Health experts say face masks are still the most effective way the general public can slow the spread of the coronavirus, but only if the masks are worn appropriately — over the nose and chin. County and state health officials are reminding and urging people to stay home when they feel sick, avoid large gatherings, and distance yourself six feet from people who aren’t from your household.

To help people understand how their decisions affect their own health and others, the Department of Health Services has a decision tool at The tool describes how choices matter and offers suggestions to make activities safer.

New web tools show county, hospital burdens

The Department of Health Services debuted two more online tools Wednesday to help people understand the spread of the COVID-19 virus in their county and how it’s affecting hospitals. “This data is increasingly important for us and local decision makers as this pandemic gets increasingly critical,” DHS Deputy Secretary Julie Willems Van Dijk told Action 2 News Wednesday.

A display of disease activity indicates whether counties are experiencing a low to very high spread of the virus based on new cases per capita and also indicates how many counties at each level are continuing to see a rise in cases or are starting to see cases wane. A look at hospital capacity offers a graphical look at daily hospitalizations for COVID-19 and what percent of beds (including ICU beds) and ventilators are available.
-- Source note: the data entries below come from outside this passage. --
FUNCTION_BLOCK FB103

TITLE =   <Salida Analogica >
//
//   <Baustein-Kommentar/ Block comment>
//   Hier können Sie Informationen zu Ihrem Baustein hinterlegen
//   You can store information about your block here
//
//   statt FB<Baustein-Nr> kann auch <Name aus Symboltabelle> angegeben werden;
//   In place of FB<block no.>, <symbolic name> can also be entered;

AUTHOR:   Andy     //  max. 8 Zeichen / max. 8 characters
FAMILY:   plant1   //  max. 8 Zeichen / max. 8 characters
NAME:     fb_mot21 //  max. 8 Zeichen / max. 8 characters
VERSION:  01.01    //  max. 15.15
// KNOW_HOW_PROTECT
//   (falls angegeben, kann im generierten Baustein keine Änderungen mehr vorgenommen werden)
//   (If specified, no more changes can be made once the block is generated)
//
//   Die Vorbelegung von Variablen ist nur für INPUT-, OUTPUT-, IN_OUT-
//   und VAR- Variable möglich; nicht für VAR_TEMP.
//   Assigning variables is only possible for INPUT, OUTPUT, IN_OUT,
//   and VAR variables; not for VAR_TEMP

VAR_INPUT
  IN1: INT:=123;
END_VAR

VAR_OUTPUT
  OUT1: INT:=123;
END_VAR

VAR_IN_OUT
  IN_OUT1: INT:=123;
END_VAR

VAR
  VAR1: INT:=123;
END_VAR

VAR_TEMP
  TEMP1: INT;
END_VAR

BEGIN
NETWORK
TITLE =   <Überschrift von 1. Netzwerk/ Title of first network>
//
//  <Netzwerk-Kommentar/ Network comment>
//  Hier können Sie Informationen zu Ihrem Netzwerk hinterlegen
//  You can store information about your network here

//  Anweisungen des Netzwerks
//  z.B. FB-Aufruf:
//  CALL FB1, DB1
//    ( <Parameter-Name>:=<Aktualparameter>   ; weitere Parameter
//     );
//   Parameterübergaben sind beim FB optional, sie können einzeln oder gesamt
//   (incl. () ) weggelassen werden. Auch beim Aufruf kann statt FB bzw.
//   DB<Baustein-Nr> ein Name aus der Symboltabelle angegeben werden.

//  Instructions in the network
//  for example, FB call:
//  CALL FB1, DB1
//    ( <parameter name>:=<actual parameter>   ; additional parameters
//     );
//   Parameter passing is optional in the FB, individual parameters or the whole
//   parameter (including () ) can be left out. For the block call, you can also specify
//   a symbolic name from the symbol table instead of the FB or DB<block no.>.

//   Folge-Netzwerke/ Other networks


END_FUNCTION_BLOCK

The state updates these charts every Wednesday by 4 P.M.

Disease activity by county:

Hospital capacity:

The state also improved its charts to display 7-day averages for the percent of tests coming back positive, including a chart that includes people tested more than once. The DHS will continue only reporting results for a person once in its summary data, which is the information Action 2 News relies on for its reports each day and is the most widely accepted method for reporting results, including by the CDC.

And the state is further breaking down case numbers among youth, so schools and parents can get a better idea of how the coronavirus is spreading among, say, preschool vs. elementary vs. high school ages.

County by county cases will be added here shortly.


The Centers for Disease Control and Prevention identified these as possible symptoms of COVID-19:

  • Fever of 100.4 or higher
  • Cough
  • Shortness of breath
  • Chills
  • Repeated shaking with chills
  • Muscle pain
  • Headache
  • Sore throat
  • New loss of taste or smell


  • The coronavirus is a new, or “novel,” virus. Nobody has a natural immunity to it. Children and teens seem to recover best from the virus. Older people and those with underlying health conditions (heart disease, diabetes, lung disease) are considered at high risk, according to the CDC. Precautions are also needed around people with developing or weakened immune systems.
  • To help prevent the spread of the virus:
  • Stay at least six feet away from other people
  • Avoid close contact with people who are or appear sick
  • Stay at home as much as possible
  • Cancel events and avoid groups, gatherings, play dates and nonessential appointments
  • Stay home when you are sick, except to get medical care
  • Wash your hands regularly for at least 20 seconds. If soap and water are not available, use an alcohol-based hand sanitizer with at least 60% alcohol
  • Cover your mouth and nose with a mask. At a minimum, use a tissue when you cough or sneeze or use the inside of your elbow.